With this in mind, we’ve made it our mission at ReGrained to champion Upcycled Food as a paragon for sustainable consumption. We are proud to be among the first to tout the model, and to have coined the phrase “Edible Upcycling,” to distinguish rescuing overlooked and undervalued foods from the term's origins in hardgoods (from crafting used bicycle tubes into wallets to sinking decommissioned subway cars to become artificial reefs). Recently, the “Upcycled Food” industry was valued as a $46.7 billion prize, an impressive sum considering its nascency, but one we would argue is underestimated.
Helping to found the newly minted non-profit Upcycled Food Association takes our commitment to the cause to the next level. When Turner Wyatt, the CEO, approached me with the concept, I was on board before you could say “circular food systems." It felt like fate.
In 2016, I authored a thesis on cross-sectoral strategies for supporting the development of upcycled markets to fight food waste for my Sustainable MBA—forming a trade association was a top tactic. Barnana were already onboard, sooned to be joined by our other friends and peers at Renewal Mill, Imperfect Foods, and more. We’re now coming up on 100 members globally, and we’re only just getting started.
The central objective of the Upcycled Food Association is to further the development of markets for upcycled food products that elevate food that would otherwise be wasted to higher uses, and have tangible benefits for both the environment and society. In practice this includes activities such as collectively improving our messaging so that the value of consuming food that would have otherwise gone to lower uses (waste) is understood by our customer… without “yucking their yum," so to speak.

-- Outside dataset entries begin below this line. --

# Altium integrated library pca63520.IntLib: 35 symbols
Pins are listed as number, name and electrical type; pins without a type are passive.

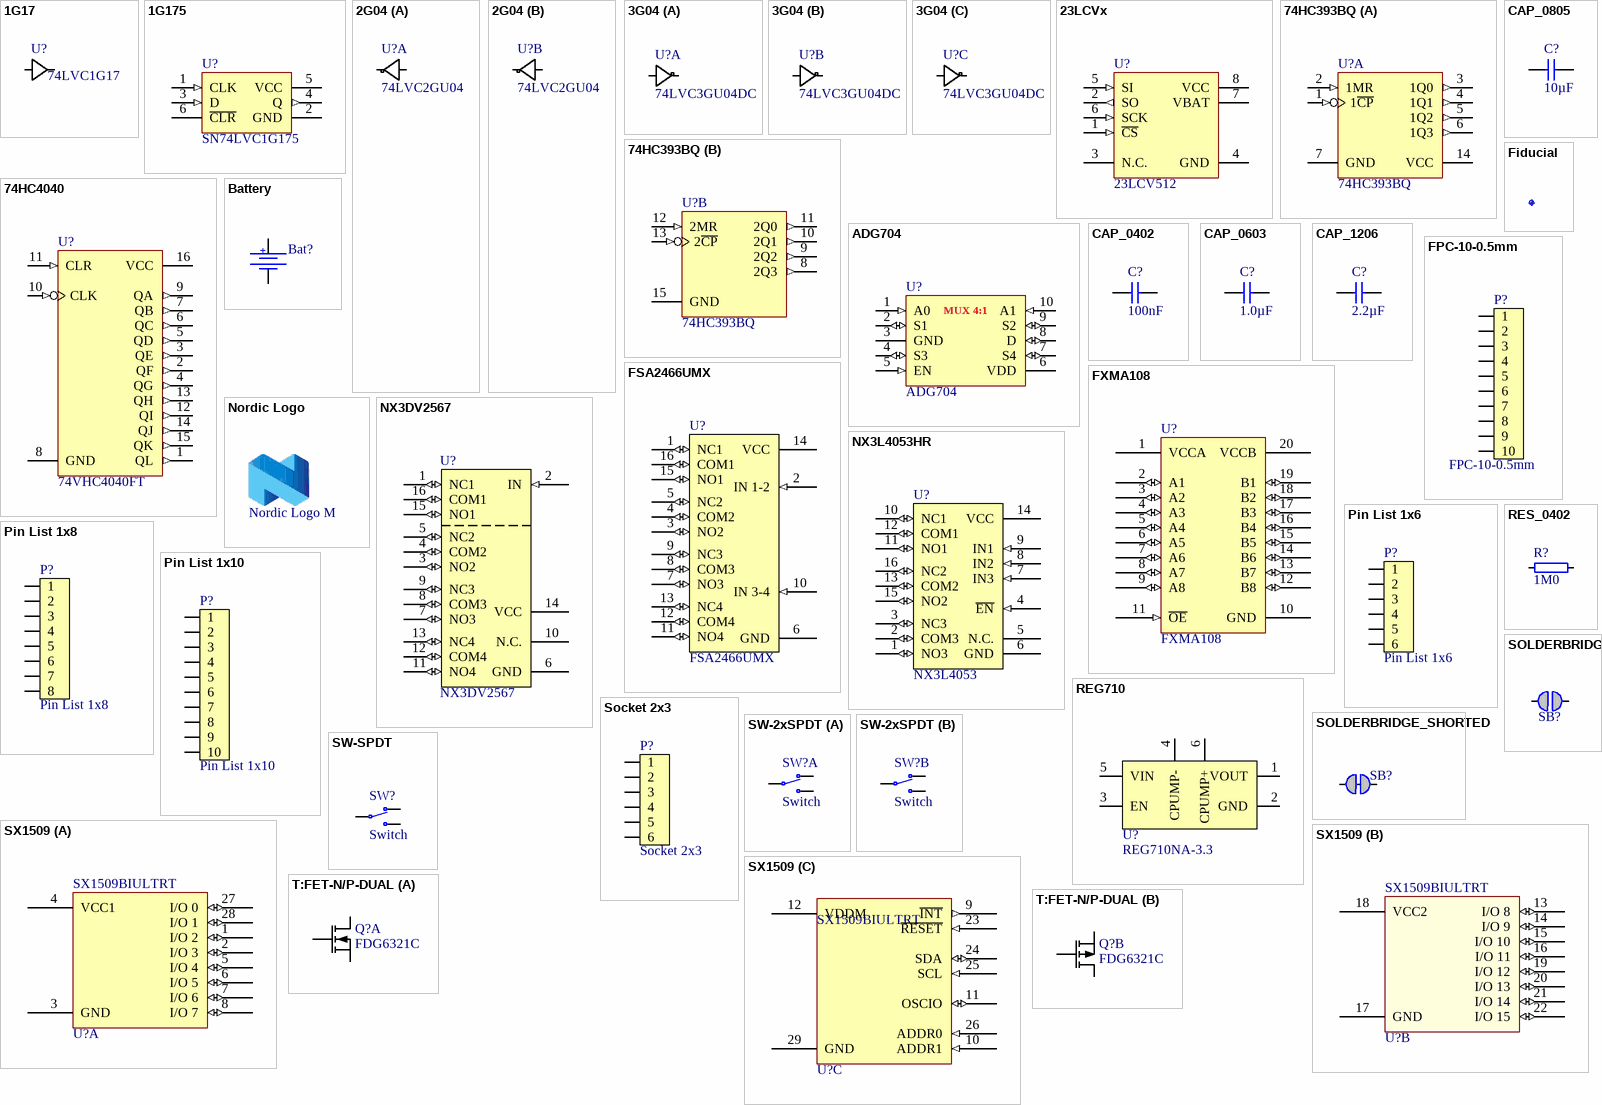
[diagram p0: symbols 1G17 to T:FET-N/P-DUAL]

## 1G17
designator U?, comment 74LVC1G17
Single schmitt-trigger buffer with standard push-pull output; Part Number: 74LVC1G17SE; Manufacturer: Diodes; 2nd source part number: 189-3834; Artikkelnr Noca: 15049066; Artikkelnr Simpro: N.A.
footprint SOT-353
pins: 1 N.C. hidden, 2 A, 3 GND hidden to GND, 4 Y, 5 VDD hidden to VDD_3V3

## 1G175
designator U?, comment SN74LVC1G175
Single D-Type Flip-Flop With Asynchronous Clear; Part Number: SN74LVC1G175DBVR; Manufacturer: Texas Instruments; Artikkelnr Noca: N.A.
footprint SOT95P280X145-6N
pins: 1 CLK (in), 2 GND (power), 3 D (in), 4 Q (out), 5 VCC (power), 6 ~{CLR}

## 2G04
designator U?, comment 74LVC2GU04
Dual Inverter; Manufacturer: NXP Semiconductors; Artikkelnr Noca: N.A.
footprint SOT65P210X100-6N
part A pins: 1 1A, 2 GND (power) hidden to GND, 6 1Y
part B pins: 3 2A, 4 2Y, 5 VCC (power) hidden to VDD_LF_XTAL

## 3G04
designator U?, comment 74LVC3GU04DC
Triple Inverter; Part Number: 74LVC3GU04DC,125; Manufacturer: NXP; Artikkelnr Noca: N.A.
footprint TSSOP50P310X90-8N
part A pins: 1 1A, 4 GND (power) hidden to GND, 7 1Y
part B pins: 3 2A, 5 2Y, 8 VCC (power) hidden to VCC_HF_XTAL
part C pins: 2 3Y, 6 3A

## 23LCVx
designator U?, comment 23LCV512
512 kbit SPI Serial SRAM with Battery Backup and SDI Interface; Part Number: 23LCV512-I/ST; Manufacturer: Microchip; 2nd source part number: 230-9514; Artikkelnr Noca: N.A.
footprint TSOP65P640X120-8N
pins: 1 ~{CS} (in), 2 SO (out), 3 N.C., 4 GND (power), 5 SI (in), 6 SCK (in), 7 VBAT (power), 8 VCC (power)

## 74HC393BQ
designator U?
Dual 4-bit binary ripple counter; Manufacturer: NXP Semiconductors; Artikkelnr Noca: N.A.
footprint QFN50P250X300X100_HS-15N
part A pins: 1 1~{CP} (in), 2 1MR (in), 3 1Q0 (out), 4 1Q1 (out), 5 1Q2 (out), 6 1Q3 (out), 7 GND (power), 14 VCC (power)
part B pins: 8 2Q3 (out), 9 2Q2 (out), 10 2Q1 (out), 11 2Q0 (out), 12 2MR (in), 13 2~{CP} (in), 15 GND (power)

## 74HC4040
designator U?, comment 74VHC4040FT
12-Stage Ripple Carry Binary Counter; Manufacturer: Toshiba; Artikkelnr Noca: N.A.
footprint TSOP65P640X110-16N
pins: 1 QL (out), 2 QF (out), 3 QE (out), 4 QG (out), 5 QD (out), 6 QC (out), 7 QB (out), 8 GND (power), 9 QA (out), 10 CLK (in), 11 CLR (in), 12 QI (out), 13 QH (out), 14 QJ (out), 15 QK (out), 16 VCC (power)

## ADG704
designator U?
IC MUX 4-CH 1.8/5.5V 10MSOP; Part Number: ADG704BRMZ; Manufacturer: Analog Devices; Note: 4:1 Analog MUX, ( RM-10, UMAX-10 ); Artikkelnr Noca: N.A.
footprint MSOP-10
pins: 1 A0 (in), 2 S1 (io), 3 GND (power), 4 S3 (io), 5 EN (in), 6 VDD (power), 7 S4 (io), 8 D (io), 9 S2 (io), 10 A1 (in)

## Battery
designator Bat?, comment Bat Holder CR1025  (value not drawn)
Bat Holder CR1025 SMD; Manufacturer: Keystone; Manufacturer Part Number: 3030; Artikkelnr Noca: N.A.
footprint CR1025_HOLDER_SMD
pins: 1, 2

## CAP_0402
designator C?, comment 100nF
Capacitor, X7R, ±10%; Part Number: C0402-100n; Note: 16V; Artikkelnr Noca: 20039200; Artikkelnr Simpro: N.A.
footprint CAPC1005X04L
pins: 1, 2

## CAP_0603
designator C?, comment 1.0µF
Capacitor, X7R, ±10%; Part Number: C0603-1µ0; Note: 16V; Artikkelnr Noca: 20039335; Artikkelnr Simpro: N.A.
footprint CAPC1608X06L
pins: 1, 2

## CAP_0805
designator C?, comment 10µF
Capacitor, X5R, ±10%; Part Number: C0805-10µ; Note: 16V; Artikkelnr Noca: 20039243; Artikkelnr Simpro: N.A.
footprint CAPC2012X11L
pins: 1, 2

## CAP_1206
designator C?, comment 2.2µF
Capacitor, X7R, ±10%; Part Number: C1206-2µ2; Note: 16V; Artikkelnr Noca: 20039142; Artikkelnr Simpro: N.A.
footprint CAPC3216X13L
pins: 1, 2

## Fiducial
designator Fid?, comment Fiducial mark  (value not drawn)
Part Number: Fid-Mark; Artikkelnr Noca: N.A.
footprint Fiducial

## FPC-10-0.5mm
designator P?
FFC/FPC Connector, Right-Angle, SMD, ZIF, Bottom Contacts, 10-way, Gold; Part Number: Molex 51441-1072; Manufacturer: Molex; Manufacturer Part Number: 51441-1072; 2nd source part number: 538-51441-1072; Artikkelnr Noca: N.A.
footprint Molex 51441-1072
pins: 1, 2, 3, 4, 5, 6, 7, 8, 9, 10

## FSA2466UMX
designator U?
Data / Audio Low-Voltage Dual DPDT Analog Switch; Manufacturer: Fairchild Semiconductor; 2nd source part number: 512-FSA2466UMX; Artikkelnr Noca: N.A.
footprint XQFN40P180X260X50-16N
pins: 1 NC1 (io), 2 IN 1-2 (in), 3 NO2 (io), 4 COM2 (io), 5 NC2 (io), 6 GND (power), 7 NO3 (io), 8 COM3 (io), 9 NC3 (io), 10 IN 3-4 (in), 11 NO4 (io), 12 COM4 (io), 13 NC4 (io), 14 VCC (power), 15 NO1 (io), 16 COM1 (io)

## FXMA108
designator U?
8-bit bidirectional voltage-level translator with auto-direction sensing; Part Number: FXMA108BQX; Manufacturer: Fairchild Semiconductor; 2nd source part number: 512-FXMA108BQX; Note: Translator, Bidirectional; Artikkelnr Noca: N.A.
footprint QFN50P450X250X80_HS-21N
pins: 1 VCCA (power), 2 A1 (io), 3 A2 (io), 4 A3 (io), 5 A4 (io), 6 A5 (io), 7 A6 (io), 8 A7 (io), 9 A8 (io), 10 GND (power), 11 ~{OE} (in), 12 B8 (io), 13 B7 (io), 14 B6 (io), 15 B5 (io), 16 B4 (io), 17 B3 (io), 18 B2 (io), 19 B1 (io), 20 VCCB (power)

## Nordic Logo
designator LOGO?, comment Nordic Logo M  (no BOM)
Nordic Logo, medium size; Artikkelnr Noca: N.A.
footprint NORDIC_LOGO_M

## NX3DV2567
designator U?
Low-ohmic four-pole double-throw analog switch; Part Number: NX3DV2567GU; Manufacturer: NXP Semiconductors; 2nd source part number: 771-NX3DV2567GU115; Artikkelnr Noca: N.A.
footprint XQFN40P180X260X50-16N
pins: 1 NC1 (io), 2 IN (in), 3 NO2 (io), 4 COM2 (io), 5 NC2 (io), 6 GND (power), 7 NO3 (io), 8 COM3 (io), 9 NC3 (io), 10 N.C., 11 NO4 (io), 12 COM4 (io), 13 NC4 (io), 14 VCC (power), 15 NO1 (io), 16 COM1 (io)

## NX3L4053HR
designator U?, comment NX3L4053
Triple low-ohmic single-pole double-throw analog switch; Part Number: NX3L4053HR; Manufacturer: NXP Semiconductors; 2nd source part number: 771-NX3L4053HR115; Artikkelnr Noca: 15079258; Artikkelnr Simpro: N.A.
footprint QFN50P300X300X50_HS-17N
pins: 1 NO3 (io), 2 COM3 (io), 3 NC3 (io), 4 ~{EN} (in), 5 N.C., 6 GND (power), 7 IN3 (in), 8 IN2 (in), 9 IN1 (in), 10 NC1 (io), 11 NO1 (io), 12 COM1 (io), 13 COM2 (io), 14 VCC (power), 15 NO2 (io), 16 NC2 (io), 17 PAD (power) hidden to GND

## Pin List 1x6
designator P?
Pin List 1x6, 2.54mm (100mil), SMD; Part Number: Pin List 1x6 SMD; Manufacturer: W-CON; Manufacturer Part Number: 1125-1106S0M116R2; 2nd source part number: TSM-106-01-L-SV-P-TR; Artikkelnr Noca: 55019252; Artikkelnr Simpro: N.A.
footprint LIST_1x6_SMD
pins: 1, 2, 3, 4, 5, 6

## Pin List 1x8
designator P?
Pin List 1x8, 2.54mm (100mil), SMD; Part Number: Pin List 1x8 SMD; Manufacturer: W-CON; Manufacturer Part Number: 1125-1108S0M116R2; 2nd source part number: TSM-108-01-L-SV-P-TR; Artikkelnr Noca: 55010006; Artikkelnr Simpro: N.A.
footprint LIST_1x8_SMD
pins: 1, 2, 3, 4, 5, 6, 7, 8

## Pin List 1x10
designator P?
Pin List 1x10, 2.54mm (100mil), SMD; Part Number: Pin List 1x10 SMD; Manufacturer: W-CON; Manufacturer Part Number: 1125-1110S0M116R2; 2nd source part number: TSM-110-01-L-SV-P-TR; Artikkelnr Noca: 55019254; Artikkelnr Simpro: N.A.
footprint LIST_1x10_SMD
pins: 1, 2, 3, 4, 5, 6, 7, 8, 9, 10

## REG710
designator U?, comment REG710NA-3.3
IC MULTI CONFG 3.3V 30MA SOT23-6; Manufacturer: Texas Instruments; Manufacturer Part Number: REG710NA-3.3/250; 2nd source part number: 296-12135-1-ND; Note: 60mA, 5.0V, Buck/Boost Charge Pump in ThinSOT-23; Artikkelnr Noca: N.A.
footprint SOT95P280X145-6N
pins: 1 VOUT, 2 GND, 3 EN, 4 CPUMP-, 5 VIN, 6 CPUMP+

## RES_0402
designator R?, comment 1M0
Resistor, ±1%, 0.063W; Part Number: R0402-1M0; Note: Chip Res 1%; Artikkelnr Noca: 27049145; Artikkelnr Simpro: N.A.; Value Ohm: 1000000
footprint RESC1005X04L
pins: 1, 2

## Socket 2x3
designator P?
Socket 2x3, 2.54mm (100mil), SMD; Part Number: Socket 2x3 SMD Bottom; Manufacturer: W-CON; Manufacturer Part Number: 2171-203MS0CUNR1; 2nd source part number: SSM-103-F-DV-P-TR; Artikkelnr Noca: 55019255; Artikkelnr Simpro: N.A.
footprint SOCKET_2x3_SMD-2.54mm-bottom
pins: 1, 2, 3, 4, 5, 6

## SOLDERBRIDGE
designator SB?, comment Solderbridge  (value not drawn)  (no BOM)
Artikkelnr Noca: N.A.
footprint Solderbridge
pins: 1 0, 2 1

## SOLDERBRIDGE_SHORTED
designator SB?, comment Solderbridge  (value not drawn)  (net tie, no BOM)
Shorted Solderbridge; Part Number: Solderbridge Shorted; Artikkelnr Noca: N.A.
footprint Solderbridge_Shorted
pins: 1 0, 2 1

## SW-2xSPDT
designator SW?, comment Switch
SMD slide Switch 2xSPDT; Part Number: CAS-D20TA; Manufacturer: Copal Electronics Inc; Artikkelnr Noca: N.A.
footprint CAS-D20A
part A pins: 1 N.O, 2 COM, 3 N.C
part B pins: 4 N.O, 5 COM, 6 N.C

## SW-SPDT
designator SW?, comment Switch
SMD slide Switch (ON-ON); Part Number: CJS-1200TA; Manufacturer: Copal Electronics Inc; Artikkelnr Noca: 50019068; Artikkelnr Simpro: N.A.
footprint CJS-120xA
pins: 1 N.C, 2 COM, 3 N.O

## SX1509
designator U?, comment SX1509BIULTRT
IC GPIO EXPANDER I2C 16CH 28QFN; Manufacturer: Semtech Corporation; Artikkelnr Noca: N.A.
footprint QFN40P400X400X60_HS-29N
part A pins: 1 I/O 2 (io), 2 I/O 3 (io), 3 GND (power), 4 VCC1 (power), 5 I/O 4 (io), 6 I/O 5 (io), 7 I/O 6 (io), 8 I/O 7 (io), 27 I/O 0 (io), 28 I/O 1 (io)
part B pins: 13 I/O 8 (io), 14 I/O 9 (io), 15 I/O 10 (io), 16 I/O 11 (io), 17 GND (power), 18 VCC2 (power), 19 I/O 12 (io), 20 I/O 13 (io), 21 I/O 14 (io), 22 I/O 15 (io)
part C pins: 9 ~{INT} (out), 10 ADDR1 (in), 11 OSCIO (io), 12 VDDM (power), 23 ~{RESET} (in), 24 SDA (io), 25 SCL (in), 26 ADDR0 (in), 29 GND (power)

## T:FET-N/P-DUAL
designator Q?, comment FDG6321C
Fairchild, FDG6321C, Dual N & P Channel Digital FET; 2nd source part number: FDG6321CCT-ND; Artikkelnr Noca: 35029089; Artikkelnr Simpro: N.A.
footprint SOT65P210X100-6N
part A pins: 1 S1, 2 G1, 6 D1
part B pins: 3 D2, 4 S2, 5 G2

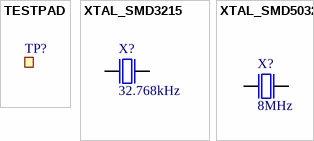
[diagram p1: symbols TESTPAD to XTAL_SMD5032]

## TESTPAD
designator TP?, comment Ø1.0mm,SMD  (value not drawn)  (no BOM)
1.0mm circular SMD testpad; Part Number: TP_SMD_Ø1.0MM; Manufacturer: Nordic Semiconductor; Artikkelnr Noca: N.A.
footprint TP_SMD_Ø1.0mm
pins: 1

## XTAL_SMD3215
designator X?, comment 32.768kHz
EPSON TOYOCOM - FC-135 32.768KHZ ±20PPM,9.0PF - CRYSTAL, SM, WATCH; Part Number: XTAL_FC-135 32.768k; 2nd source part number: 127-8037; Note: XTAL SMD 32.768kHz, 3215; Artikkelnr Noca: 22019091; Artikkelnr Simpro: N.A.
footprint XTAL_3215
pins: 1 inp, 2 out

## XTAL_SMD5032
designator X?, comment 8MHz
XTAL SMD 5032, 8MHz, Cl=18pF, Tol: ±30ppm, Stab: ±30ppm; Part Number: XTAL_SMD5032_8MHz_18pF_TXC; Manufacturer: TXC Corporation; Manufacturer Part Number: 7B-8.000MAAJ-T; 2nd source part number: 717-7B-8.000MAAJ-T; Note: XTAL SMD 8MHz; Artikkelnr Noca: N.A.
footprint BT-XTAL_5032
pins: 1 inp, 2 GND hidden to GND, 3 out, 4 GND hidden to GND

At ReGrained, we have tested countless ways to communicate to consumers the value of upcycling food from the catchy (albeit confusing) “Eat Beer” hook to the new Upcycled logo we debuted in 2019 (a modified version of which we donated as the association’s logo). Upcycling effectively requires educating the market, and we strive to lead by example.
From our early days at farmers markets, to in-store product demonstrations, record-breaking crowdfunding campaigns, social media, the TEDx stage, speaking at conferences, on podcasts, to press, bloggers, influencers, the universe of social media, and frankly, to anyone who would listen... we have always held our messaging subject to improvement.
Thanks to the NRDC, ReFED, and other champions’ collective efforts to mainstream the food waste problem and opportunities, our movement is no longer just an esoteric campaign of champions—it has officially entered the global zeitgeist. In Washington, D.C., efforts have been encouragingly bipartisan, although practical policy solutions are still needed.
As an industry, innovation has been accelerating in exciting ways. Upcycling food is a business model that transforms “waste” into value, or, more crudely put, trash into cash. We’ve seen brands emerge to seize the opportunity of novel supply chains, as well as the typical crop of “me-too” business models that a healthy market can support.
As an organization, our mission is clear: build a food system in which all food reaches its best use. We cannot and do not want to do that alone! Whether you are a food producer that could use upcycled ingredients in your products, a product developer looking for an innovative edge, an investor interested in tracking the space, a retailer open to merchandising upcycled products, or an entirely different type of stakeholder—we want you in.
Next up, we will be developing standards, a certification process and a number of other exciting initiatives that we’ll be sure to keep you posted about.
For now, though, we hope the upcycling movement provides you with a bright spot during these often bleak and uncertain times.